Texto de Miguel Marujo
Edgar Silva, anteontem apresentado como
candidato à Presidência da República (foto reproduzida daqui,
onde também se pode ler um outro texto sobre Edgar Silva)
Era um jovem padre madeirense quando no final de 1991, com 29 anos, regressou a Lisboa, onde tinha estudado no Seminário dos Olivais e na Faculdade de Teologia da Universidade Católica, para ser assistente nacional do Movimento Católico de Estudantes (MCE). Edgar Silva tinha à sua espera uma residência para padres, ao Rato, mas pouco tempo depois as suas convicções levaram-no a ir viver para uma barraca, sem luz, num dos bairros de lata que ainda existiam em Lisboa, o da Curraleira.
O nome ontem [quinta-feira] anunciado por Jerónimo de Sousa como candidato do PCP à Presidência da República foi sempre discreto nas suas opções (como ir viver para o bairro da lata), que explicava com a “radicalidade” da “opção preferencial pelos pobres” de Jesus, mas que nem sempre agradava ao episcopado português.
Ainda na Madeira, sem crucifixos no bolso ou ao peito, Edgar Silva – que nasceu no Funchal em 25 de setembro de 1962 – trabalhou com os “miúdos das caixinhas”, rapazes e raparigas de famílias muito pobres, que andavam pelo centro do Funchal a pedir dinheiro aos turistas. Muitos e muitas também se prostituíam.
Edgar trabalhou com eles, esteve na fundação do MAC – Movimento de Apoio à Criança, na ilha, e da Escola Aberta, um projeto escolar para os miúdos da rua na zona mais alta do Funchal, e esteve na primeira linha de denúncia de casos de exploração sexual de menores.
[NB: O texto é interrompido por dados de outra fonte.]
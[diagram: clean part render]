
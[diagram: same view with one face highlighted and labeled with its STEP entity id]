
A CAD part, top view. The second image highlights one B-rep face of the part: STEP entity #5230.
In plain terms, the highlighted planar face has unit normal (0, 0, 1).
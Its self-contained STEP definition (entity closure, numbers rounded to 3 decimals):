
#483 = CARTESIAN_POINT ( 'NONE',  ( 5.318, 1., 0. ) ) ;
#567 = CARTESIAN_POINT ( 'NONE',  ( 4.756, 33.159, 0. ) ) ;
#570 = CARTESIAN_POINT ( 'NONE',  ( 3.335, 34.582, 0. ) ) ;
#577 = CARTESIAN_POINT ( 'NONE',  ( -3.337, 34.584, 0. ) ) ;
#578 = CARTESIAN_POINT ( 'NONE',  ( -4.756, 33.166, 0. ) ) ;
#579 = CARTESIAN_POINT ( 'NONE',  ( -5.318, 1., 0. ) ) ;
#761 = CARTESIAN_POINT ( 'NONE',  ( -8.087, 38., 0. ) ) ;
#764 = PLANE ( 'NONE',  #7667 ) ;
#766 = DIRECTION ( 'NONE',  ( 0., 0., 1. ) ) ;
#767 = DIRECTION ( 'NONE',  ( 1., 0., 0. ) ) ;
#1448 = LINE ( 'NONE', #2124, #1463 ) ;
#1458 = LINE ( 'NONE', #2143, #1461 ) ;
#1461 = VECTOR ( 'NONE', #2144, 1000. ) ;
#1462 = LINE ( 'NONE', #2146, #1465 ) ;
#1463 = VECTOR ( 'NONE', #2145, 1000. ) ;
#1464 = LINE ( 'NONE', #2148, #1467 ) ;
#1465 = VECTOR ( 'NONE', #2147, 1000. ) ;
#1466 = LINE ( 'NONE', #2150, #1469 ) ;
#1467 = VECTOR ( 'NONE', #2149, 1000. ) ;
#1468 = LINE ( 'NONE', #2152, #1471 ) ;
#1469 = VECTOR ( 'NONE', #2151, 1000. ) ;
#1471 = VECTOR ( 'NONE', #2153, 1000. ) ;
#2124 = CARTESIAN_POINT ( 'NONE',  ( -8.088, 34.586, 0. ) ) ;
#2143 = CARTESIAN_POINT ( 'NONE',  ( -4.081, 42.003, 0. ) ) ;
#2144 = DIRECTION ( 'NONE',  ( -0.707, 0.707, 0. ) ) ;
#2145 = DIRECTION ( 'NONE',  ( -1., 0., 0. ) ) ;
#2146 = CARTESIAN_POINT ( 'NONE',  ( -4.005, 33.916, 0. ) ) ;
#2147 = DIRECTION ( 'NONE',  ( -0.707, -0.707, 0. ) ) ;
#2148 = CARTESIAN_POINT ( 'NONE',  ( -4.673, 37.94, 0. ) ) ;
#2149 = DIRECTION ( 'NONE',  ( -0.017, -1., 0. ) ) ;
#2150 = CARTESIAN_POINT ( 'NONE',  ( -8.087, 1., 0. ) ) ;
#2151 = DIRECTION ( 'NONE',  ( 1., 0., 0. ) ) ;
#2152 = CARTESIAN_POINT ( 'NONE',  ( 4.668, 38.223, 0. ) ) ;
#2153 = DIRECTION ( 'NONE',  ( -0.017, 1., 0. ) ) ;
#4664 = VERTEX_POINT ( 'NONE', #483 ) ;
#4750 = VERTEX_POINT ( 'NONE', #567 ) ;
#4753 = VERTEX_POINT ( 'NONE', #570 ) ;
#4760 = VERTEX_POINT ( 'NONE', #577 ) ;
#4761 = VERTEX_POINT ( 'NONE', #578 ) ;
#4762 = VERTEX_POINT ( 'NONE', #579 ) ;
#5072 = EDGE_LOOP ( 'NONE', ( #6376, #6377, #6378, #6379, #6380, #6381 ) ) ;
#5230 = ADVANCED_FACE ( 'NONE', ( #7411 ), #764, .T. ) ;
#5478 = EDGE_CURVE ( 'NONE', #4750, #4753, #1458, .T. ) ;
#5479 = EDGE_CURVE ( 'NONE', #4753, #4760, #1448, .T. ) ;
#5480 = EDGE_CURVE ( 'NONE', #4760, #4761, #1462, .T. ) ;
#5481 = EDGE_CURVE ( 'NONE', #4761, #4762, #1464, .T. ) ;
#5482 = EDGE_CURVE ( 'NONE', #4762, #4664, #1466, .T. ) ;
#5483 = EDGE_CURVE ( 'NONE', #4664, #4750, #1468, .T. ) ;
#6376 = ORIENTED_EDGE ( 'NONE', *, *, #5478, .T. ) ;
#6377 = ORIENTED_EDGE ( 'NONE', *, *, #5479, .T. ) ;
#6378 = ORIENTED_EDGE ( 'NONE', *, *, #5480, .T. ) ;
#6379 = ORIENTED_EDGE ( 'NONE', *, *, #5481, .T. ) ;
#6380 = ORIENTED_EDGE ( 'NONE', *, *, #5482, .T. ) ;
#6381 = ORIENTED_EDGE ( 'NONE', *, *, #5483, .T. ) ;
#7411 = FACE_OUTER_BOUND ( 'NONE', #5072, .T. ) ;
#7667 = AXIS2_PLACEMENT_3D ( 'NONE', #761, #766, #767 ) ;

Por causa destas causas, o então presidente do governo regional da Madeira, Alberto João Jardim, mas também o anterior bispo do Funchal, Teodoro de Faria, nunca simpatizaram com o “padre Edgar”, como lhe chamava (em tom depreciativo) Jardim.
A simpatia era recíproca. Em agosto de 1992, a dois meses das eleições regionais, Edgar e outros jovens padres da Madeira subscreveram um manifesto “Mais democracia, melhor democracia”, levando Jardim aos habituais insultos que reservava para os seus adversários. Três anos depois, esse grupo de presbíteros agitaria de novo a política regional com outro manifesto com o título “O futuro pertence à democracia”. Para estes padres, “no exercício do poder político, ao lado da necessária competência e eficiência, é fundamental a superação de certas tentações, tais como o recurso à deslealdade e à mentira, o desperdício do dinheiro público em vantagem de uns poucos e com miras de clientela”.
O regresso à Madeira já tinha acontecido em 1994, depois de deixar o MCE em setembro de 1993. Ao incómodo sentido pelo seu estilo de vida, os bispos chocaram com um documento sobre moral sexual aprovado pelos estudantes católicos, em que se questionava o discurso oficial da Igreja sobre contraceção ou homossexualidade. Na sua ilha, Edgar Silva não foi o filho pródigo que os responsáveis eclesiásticos esperariam, acabando por aceitar o desafio de outro padre, Mário Tavares, que era deputado do PCP, e juntando-se em 1996 como independente às listas da CDU. Desvinculou-se do “exercício do ministério sacerdotal” em 1997. Hoje, quase 20 anos depois, já é militante do partido, é membro do Comité Central e tem resistido como deputado regional. E chegou agora ao palco da política nacional.
Edgar Silva sempre defendeu que “a política não é um fim”. Por estes dias, até janeiro de 2016, terá ocasião de fazer um dos seus brindes preferidos, que muitos amigos replicam. “À liberdade, que é sempre pouca.”